→ **What to produce**
Each line of the listing below that includes "BYSTARTER" must be copied.

-------

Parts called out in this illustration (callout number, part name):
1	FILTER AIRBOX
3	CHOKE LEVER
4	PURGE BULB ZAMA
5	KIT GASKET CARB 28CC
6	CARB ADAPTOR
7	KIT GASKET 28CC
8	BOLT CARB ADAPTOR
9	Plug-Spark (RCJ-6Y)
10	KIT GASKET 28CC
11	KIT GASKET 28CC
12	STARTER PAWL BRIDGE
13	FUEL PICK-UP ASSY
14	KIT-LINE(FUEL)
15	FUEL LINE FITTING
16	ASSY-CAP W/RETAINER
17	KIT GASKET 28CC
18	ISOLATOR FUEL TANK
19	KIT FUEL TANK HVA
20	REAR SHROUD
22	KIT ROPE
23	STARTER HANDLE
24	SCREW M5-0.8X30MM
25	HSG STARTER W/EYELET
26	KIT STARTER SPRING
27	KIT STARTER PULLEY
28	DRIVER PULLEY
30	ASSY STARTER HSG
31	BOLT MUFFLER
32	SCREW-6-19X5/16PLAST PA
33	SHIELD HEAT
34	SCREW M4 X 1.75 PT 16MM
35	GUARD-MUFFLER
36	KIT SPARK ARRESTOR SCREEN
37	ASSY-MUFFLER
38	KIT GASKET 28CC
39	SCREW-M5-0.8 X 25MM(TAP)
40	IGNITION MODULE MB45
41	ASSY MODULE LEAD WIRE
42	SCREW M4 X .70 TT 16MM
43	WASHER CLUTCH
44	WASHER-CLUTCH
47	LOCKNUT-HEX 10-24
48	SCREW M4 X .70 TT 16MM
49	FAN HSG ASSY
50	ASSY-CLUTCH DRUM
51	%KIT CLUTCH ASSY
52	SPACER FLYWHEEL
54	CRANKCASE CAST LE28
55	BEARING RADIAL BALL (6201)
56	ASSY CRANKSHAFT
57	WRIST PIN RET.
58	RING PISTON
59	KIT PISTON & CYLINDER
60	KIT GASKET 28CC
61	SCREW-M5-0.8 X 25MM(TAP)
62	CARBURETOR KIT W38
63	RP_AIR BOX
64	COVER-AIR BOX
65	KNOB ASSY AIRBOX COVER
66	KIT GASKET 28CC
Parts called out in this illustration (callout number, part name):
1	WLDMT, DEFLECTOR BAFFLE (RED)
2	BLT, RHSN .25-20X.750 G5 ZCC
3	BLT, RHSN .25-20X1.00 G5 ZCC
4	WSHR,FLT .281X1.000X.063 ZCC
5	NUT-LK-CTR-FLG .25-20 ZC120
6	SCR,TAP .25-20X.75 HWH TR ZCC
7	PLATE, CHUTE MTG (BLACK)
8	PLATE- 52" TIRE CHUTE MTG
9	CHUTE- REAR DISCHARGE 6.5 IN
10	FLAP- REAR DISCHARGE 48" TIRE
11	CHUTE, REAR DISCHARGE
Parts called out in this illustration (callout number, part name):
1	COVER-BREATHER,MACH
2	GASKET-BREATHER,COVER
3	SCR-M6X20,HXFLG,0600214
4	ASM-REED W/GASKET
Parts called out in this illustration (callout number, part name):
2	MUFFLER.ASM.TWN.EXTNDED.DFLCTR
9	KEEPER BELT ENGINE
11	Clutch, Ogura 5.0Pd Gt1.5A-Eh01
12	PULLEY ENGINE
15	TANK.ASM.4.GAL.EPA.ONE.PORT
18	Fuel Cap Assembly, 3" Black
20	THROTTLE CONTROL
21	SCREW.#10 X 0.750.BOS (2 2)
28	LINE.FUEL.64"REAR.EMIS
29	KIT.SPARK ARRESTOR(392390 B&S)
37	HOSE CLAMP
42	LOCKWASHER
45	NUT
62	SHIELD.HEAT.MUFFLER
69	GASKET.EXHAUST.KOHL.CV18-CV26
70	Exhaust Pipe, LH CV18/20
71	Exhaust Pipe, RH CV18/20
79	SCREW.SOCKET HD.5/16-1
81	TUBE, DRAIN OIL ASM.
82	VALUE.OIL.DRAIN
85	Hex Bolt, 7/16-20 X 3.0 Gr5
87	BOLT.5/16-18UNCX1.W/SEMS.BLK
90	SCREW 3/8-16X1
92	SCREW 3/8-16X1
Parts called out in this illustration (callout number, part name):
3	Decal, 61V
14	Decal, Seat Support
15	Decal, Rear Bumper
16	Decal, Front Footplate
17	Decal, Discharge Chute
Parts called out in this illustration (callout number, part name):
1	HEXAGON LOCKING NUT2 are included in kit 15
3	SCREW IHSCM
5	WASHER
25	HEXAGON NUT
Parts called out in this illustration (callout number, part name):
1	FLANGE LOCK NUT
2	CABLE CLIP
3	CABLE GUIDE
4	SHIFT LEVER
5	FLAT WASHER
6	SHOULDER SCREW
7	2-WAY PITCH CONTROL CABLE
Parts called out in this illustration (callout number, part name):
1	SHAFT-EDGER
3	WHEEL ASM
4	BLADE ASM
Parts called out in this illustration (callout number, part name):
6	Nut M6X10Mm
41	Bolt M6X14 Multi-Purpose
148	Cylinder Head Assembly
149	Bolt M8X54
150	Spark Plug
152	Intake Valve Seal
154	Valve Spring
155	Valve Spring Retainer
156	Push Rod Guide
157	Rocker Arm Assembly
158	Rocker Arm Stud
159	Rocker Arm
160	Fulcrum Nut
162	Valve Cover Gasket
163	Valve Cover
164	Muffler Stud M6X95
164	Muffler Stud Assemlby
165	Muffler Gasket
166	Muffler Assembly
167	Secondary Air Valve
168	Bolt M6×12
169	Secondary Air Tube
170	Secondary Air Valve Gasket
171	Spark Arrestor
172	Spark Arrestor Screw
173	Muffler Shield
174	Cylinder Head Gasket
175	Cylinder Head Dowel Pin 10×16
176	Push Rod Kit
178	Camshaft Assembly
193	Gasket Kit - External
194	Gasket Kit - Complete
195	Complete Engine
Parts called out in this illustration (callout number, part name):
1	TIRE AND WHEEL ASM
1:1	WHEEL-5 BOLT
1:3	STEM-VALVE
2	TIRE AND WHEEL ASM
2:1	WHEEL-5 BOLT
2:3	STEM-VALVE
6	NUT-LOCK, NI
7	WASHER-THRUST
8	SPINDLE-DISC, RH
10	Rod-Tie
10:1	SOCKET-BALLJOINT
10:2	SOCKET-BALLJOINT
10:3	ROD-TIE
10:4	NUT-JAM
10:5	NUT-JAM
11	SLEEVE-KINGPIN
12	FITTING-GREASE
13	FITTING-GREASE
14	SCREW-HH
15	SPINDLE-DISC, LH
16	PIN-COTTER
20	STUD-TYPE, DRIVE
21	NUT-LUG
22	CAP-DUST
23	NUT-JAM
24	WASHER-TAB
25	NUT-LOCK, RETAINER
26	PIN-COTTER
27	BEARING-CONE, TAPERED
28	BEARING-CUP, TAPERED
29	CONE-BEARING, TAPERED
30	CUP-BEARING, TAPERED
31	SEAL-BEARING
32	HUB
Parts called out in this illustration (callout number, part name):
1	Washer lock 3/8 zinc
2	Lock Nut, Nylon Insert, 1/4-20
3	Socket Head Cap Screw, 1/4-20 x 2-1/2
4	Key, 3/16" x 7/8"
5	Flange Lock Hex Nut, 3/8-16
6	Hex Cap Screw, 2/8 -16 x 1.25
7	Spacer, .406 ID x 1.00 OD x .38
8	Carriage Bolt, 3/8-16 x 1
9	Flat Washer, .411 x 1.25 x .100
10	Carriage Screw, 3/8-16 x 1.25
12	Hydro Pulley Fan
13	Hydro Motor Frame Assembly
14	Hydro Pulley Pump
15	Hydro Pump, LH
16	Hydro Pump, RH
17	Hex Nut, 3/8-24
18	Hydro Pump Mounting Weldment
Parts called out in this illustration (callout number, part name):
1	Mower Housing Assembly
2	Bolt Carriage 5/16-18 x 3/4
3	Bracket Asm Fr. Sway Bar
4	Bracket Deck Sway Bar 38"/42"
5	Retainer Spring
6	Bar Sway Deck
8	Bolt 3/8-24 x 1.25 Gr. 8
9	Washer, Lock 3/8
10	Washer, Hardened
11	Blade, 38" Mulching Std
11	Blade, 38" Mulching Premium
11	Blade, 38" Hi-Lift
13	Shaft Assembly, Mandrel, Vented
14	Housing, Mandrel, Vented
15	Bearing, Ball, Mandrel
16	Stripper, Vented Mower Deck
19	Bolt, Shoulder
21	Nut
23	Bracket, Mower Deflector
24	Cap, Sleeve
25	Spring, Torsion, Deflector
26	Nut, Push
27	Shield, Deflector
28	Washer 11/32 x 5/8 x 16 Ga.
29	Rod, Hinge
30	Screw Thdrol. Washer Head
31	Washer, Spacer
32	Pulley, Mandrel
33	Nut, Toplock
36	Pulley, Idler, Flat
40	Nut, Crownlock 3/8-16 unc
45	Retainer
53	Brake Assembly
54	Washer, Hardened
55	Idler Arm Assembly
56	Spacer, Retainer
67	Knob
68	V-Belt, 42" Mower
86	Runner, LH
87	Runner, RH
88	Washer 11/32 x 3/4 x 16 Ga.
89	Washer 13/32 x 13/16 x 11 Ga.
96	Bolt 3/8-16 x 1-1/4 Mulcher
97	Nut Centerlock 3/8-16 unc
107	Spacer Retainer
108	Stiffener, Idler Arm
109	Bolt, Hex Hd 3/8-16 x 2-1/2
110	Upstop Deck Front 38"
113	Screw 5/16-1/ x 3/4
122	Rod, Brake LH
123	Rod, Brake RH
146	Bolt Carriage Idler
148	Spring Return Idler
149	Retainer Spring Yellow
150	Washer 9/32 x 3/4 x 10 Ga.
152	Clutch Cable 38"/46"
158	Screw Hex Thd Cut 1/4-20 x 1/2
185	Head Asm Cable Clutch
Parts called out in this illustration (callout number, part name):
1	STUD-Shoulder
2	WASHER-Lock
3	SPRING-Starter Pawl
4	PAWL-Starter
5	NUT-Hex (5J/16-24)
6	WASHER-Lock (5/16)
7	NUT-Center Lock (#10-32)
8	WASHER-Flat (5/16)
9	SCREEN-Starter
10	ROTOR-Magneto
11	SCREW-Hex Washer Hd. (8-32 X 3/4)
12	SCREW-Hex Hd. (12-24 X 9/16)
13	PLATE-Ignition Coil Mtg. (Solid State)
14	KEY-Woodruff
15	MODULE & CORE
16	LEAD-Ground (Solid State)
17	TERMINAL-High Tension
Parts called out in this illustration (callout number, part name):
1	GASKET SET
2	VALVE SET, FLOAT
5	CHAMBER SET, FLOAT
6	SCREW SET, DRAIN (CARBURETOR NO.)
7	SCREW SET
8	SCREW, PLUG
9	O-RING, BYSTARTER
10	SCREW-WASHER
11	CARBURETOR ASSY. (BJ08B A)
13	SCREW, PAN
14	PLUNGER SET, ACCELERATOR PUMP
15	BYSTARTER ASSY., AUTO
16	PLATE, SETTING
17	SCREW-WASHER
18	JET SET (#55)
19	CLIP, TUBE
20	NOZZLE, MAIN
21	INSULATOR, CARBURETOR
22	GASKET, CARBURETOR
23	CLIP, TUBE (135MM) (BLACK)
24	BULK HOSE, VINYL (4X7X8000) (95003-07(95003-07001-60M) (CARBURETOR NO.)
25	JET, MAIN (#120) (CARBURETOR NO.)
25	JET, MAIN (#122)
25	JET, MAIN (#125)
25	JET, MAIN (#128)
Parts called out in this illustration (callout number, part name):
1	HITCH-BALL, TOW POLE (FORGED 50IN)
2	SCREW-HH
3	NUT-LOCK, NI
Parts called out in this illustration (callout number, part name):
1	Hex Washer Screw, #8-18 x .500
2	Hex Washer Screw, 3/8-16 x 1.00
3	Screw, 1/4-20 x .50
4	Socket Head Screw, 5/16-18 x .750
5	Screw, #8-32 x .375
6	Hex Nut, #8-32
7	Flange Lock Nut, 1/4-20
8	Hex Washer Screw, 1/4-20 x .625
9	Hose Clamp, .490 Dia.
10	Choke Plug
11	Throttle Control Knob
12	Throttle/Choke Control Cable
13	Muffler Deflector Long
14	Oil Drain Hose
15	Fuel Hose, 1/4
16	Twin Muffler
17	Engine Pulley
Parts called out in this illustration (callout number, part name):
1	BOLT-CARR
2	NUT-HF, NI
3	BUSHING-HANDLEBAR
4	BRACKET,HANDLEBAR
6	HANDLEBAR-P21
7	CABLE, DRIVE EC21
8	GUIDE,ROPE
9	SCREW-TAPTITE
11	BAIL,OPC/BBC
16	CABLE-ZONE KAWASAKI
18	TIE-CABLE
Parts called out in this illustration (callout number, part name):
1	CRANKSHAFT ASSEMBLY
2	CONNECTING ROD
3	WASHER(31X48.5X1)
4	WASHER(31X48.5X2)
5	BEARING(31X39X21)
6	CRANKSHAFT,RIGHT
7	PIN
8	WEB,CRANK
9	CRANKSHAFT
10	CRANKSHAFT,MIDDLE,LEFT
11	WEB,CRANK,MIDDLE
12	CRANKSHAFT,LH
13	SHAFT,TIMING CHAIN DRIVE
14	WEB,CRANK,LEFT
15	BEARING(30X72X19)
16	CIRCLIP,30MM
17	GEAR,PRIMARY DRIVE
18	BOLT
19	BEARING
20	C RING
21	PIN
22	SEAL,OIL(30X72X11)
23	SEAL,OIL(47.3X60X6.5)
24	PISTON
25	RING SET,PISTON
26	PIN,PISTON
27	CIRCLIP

-------

→ **Exercise response**
9	O-RING, BYSTARTER
15	BYSTARTER ASSY., AUTO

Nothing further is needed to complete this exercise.